If, however, one wanted to know how cities function, creating a map of every last brick and kerb would be an odd way to go about it. Quite how these brain projects will turn all their data into understanding remains a mystery. One researcher in the European project, simply called the Human Brain Project, inadvertently revealed the paucity of any theoretical framework for navigating this information glut: “It is a chicken and egg situation. Once we know how the brain works, we'll know how to look at the data.” The fact that the Human Brain Project is not quite that clueless hardly mitigates the enormity of this flippant statement. Science has never worked by shooting first and asking questions later, and it never will.

Biology, in which the profusion of evolutionary contingencies makes it particularly hard to formulate broad hypotheses, has long felt the danger of a Baconian retreat to pure data-gathering, substituting instruments for thinking. Austrian biochemist Erwin Chargaff, whose work helped elucidate how DNA stores genetic information, commented on this tendency as early as 1977:
“Now I go through a laboratory… and there they all sit before the same high speed centrifuges or scintillation counters, producing the same superposable graphs. There has been very little room left for the all important play of scientific imagination.”

Thanks to this, Chargaff said, “a pall of monotony has descended on what used to be the liveliest and most attractive of all scientific professions.” Like Chargaff, the pioneer of molecular biology Walter Gilbert saw in this reduction of biology to a set of standardized instrumental procedures repeated ad nauseam an encroachment of corporate strategies into the business of science. It was becoming an industrial process, manufacturing data on the production line: data produced, like consumer goods, because we have the instrumental means to do so, not because anyone knows what to do with it all. Nobel laureate biochemist Otto Loewi saw this happening in the life sciences even in 1954:
“Sometimes one has the impression that in contrast with former times, when one searched for methods in order to solve a problem, frequently nowadays workers look for problems with which they can exploit some special technique.”
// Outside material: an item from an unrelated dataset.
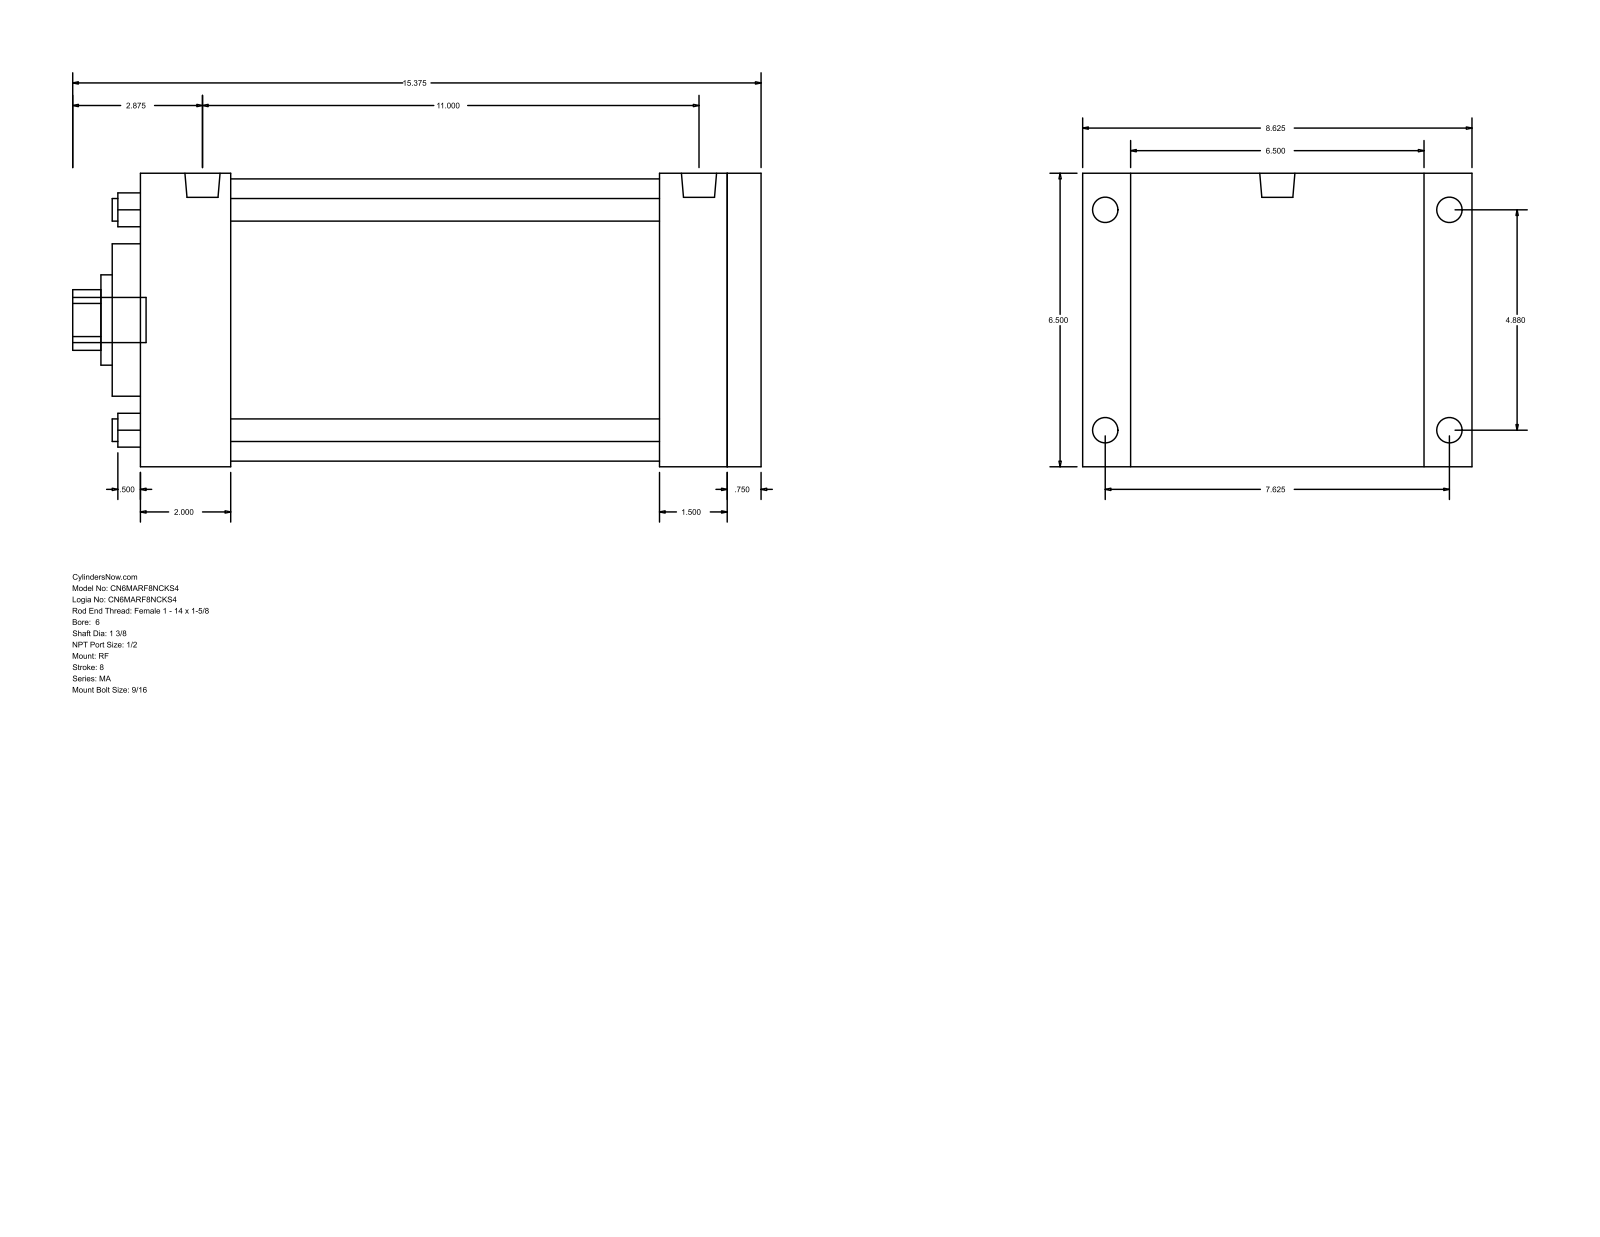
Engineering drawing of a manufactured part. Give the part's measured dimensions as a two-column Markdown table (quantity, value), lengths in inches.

High-energy physics now works on a similar industrial scale, with big machines at the centre. It doesn’t suffer the same lack of hypotheses as areas of biology, but arguably it can face the opposite problem: a consensus around a single idea, into which legions of workers burrow single-mindedly. Donald Glaser, the inventor of the bubble chamber, saw this happening in the immediate postwar period, once the Manhattan Project had provided the template:
“I knew that large accelerators were going to be built and they were going to make gobs of strange particles. But I didn’t want to join an army of people working at big machines.”
For Glaser the machines were taking over, and only by getting out of it did he devise his Nobel-prizewinning technique.
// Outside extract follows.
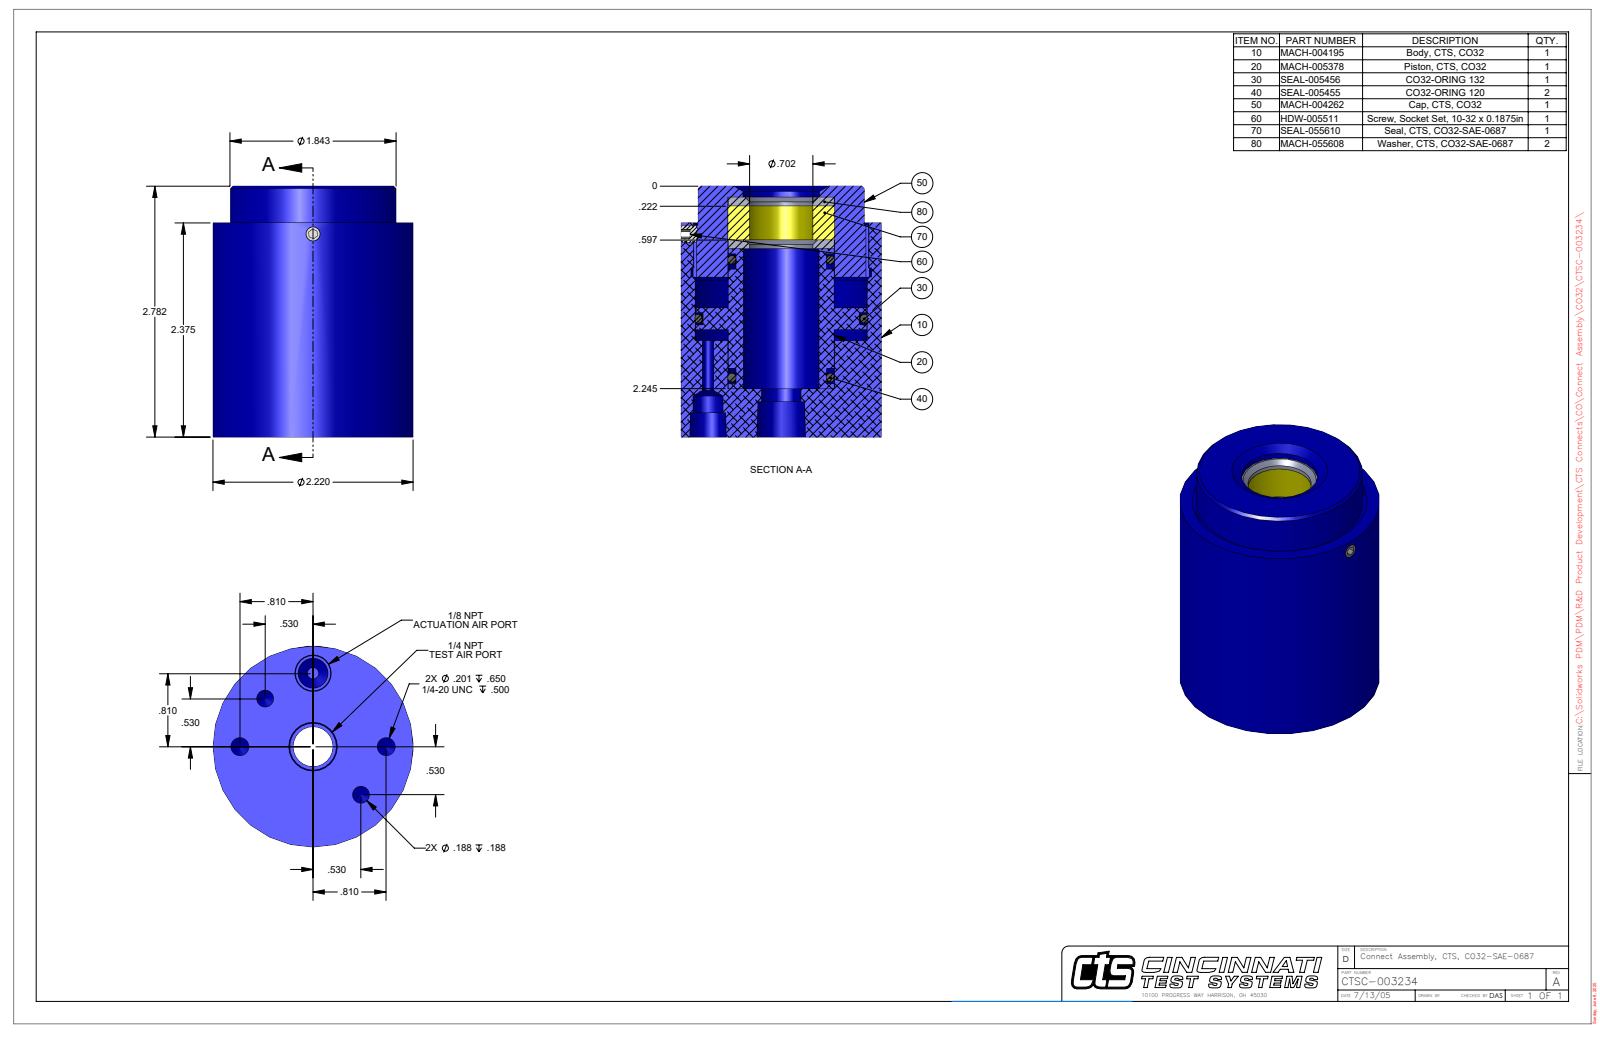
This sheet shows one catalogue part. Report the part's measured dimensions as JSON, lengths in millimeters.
{"part_name": "CTSC-003234", "step_written_by": "SolidWorks 2023 (AUTOMOTIVE_DESIGN)", "units": "millimeters", "bodies": {"solids": 1, "faces": 118, "planar": 49, "cylindrical": 44, "other": 25}, "overall_size": [70.7, 56.4, 56.4], "volume_mm3": 145800, "surface_area_mm2": 22920, "round_holes": [[4.7, 2], [5.1, 2], [2.4, 1], [3.2, 1], [4, 1], [8.4, 1], [11.1, 1], [17.8, 1], [21.3, 1], [21.5, 1], [30, 1], [49.4, 1]], "round_bosses_or_shafts": [[56.4, 1], [46.8, 1], [29.8, 1]], "partial_cylinders_radius": [[2.4, 1], [27.8, 1]], "face_to_face_distances": [70.7, 60.3, 10.3, 13.6, 46.7, 57, 59.6, 45.9, 0.8, 11.1], "hole_center_spacings": [15.2, 20.6, 36.6, 19.1, 29.1, 38.1, 41.1]}

The challenge for the scientist, then, particularly in the era of Big Science, is to keep the instrument in its place. The best scientific kit comes from thinking about how to solve a problem. But once they become a part of the standard repertoire, or once they acquire a lumbering momentum of their own, instruments might not assist thinking but start to constrain it. As historians of science Albert van Helden and Thomas Hankins have said, “Because instruments determine what can be done, they also determine to some extent what can be thought.”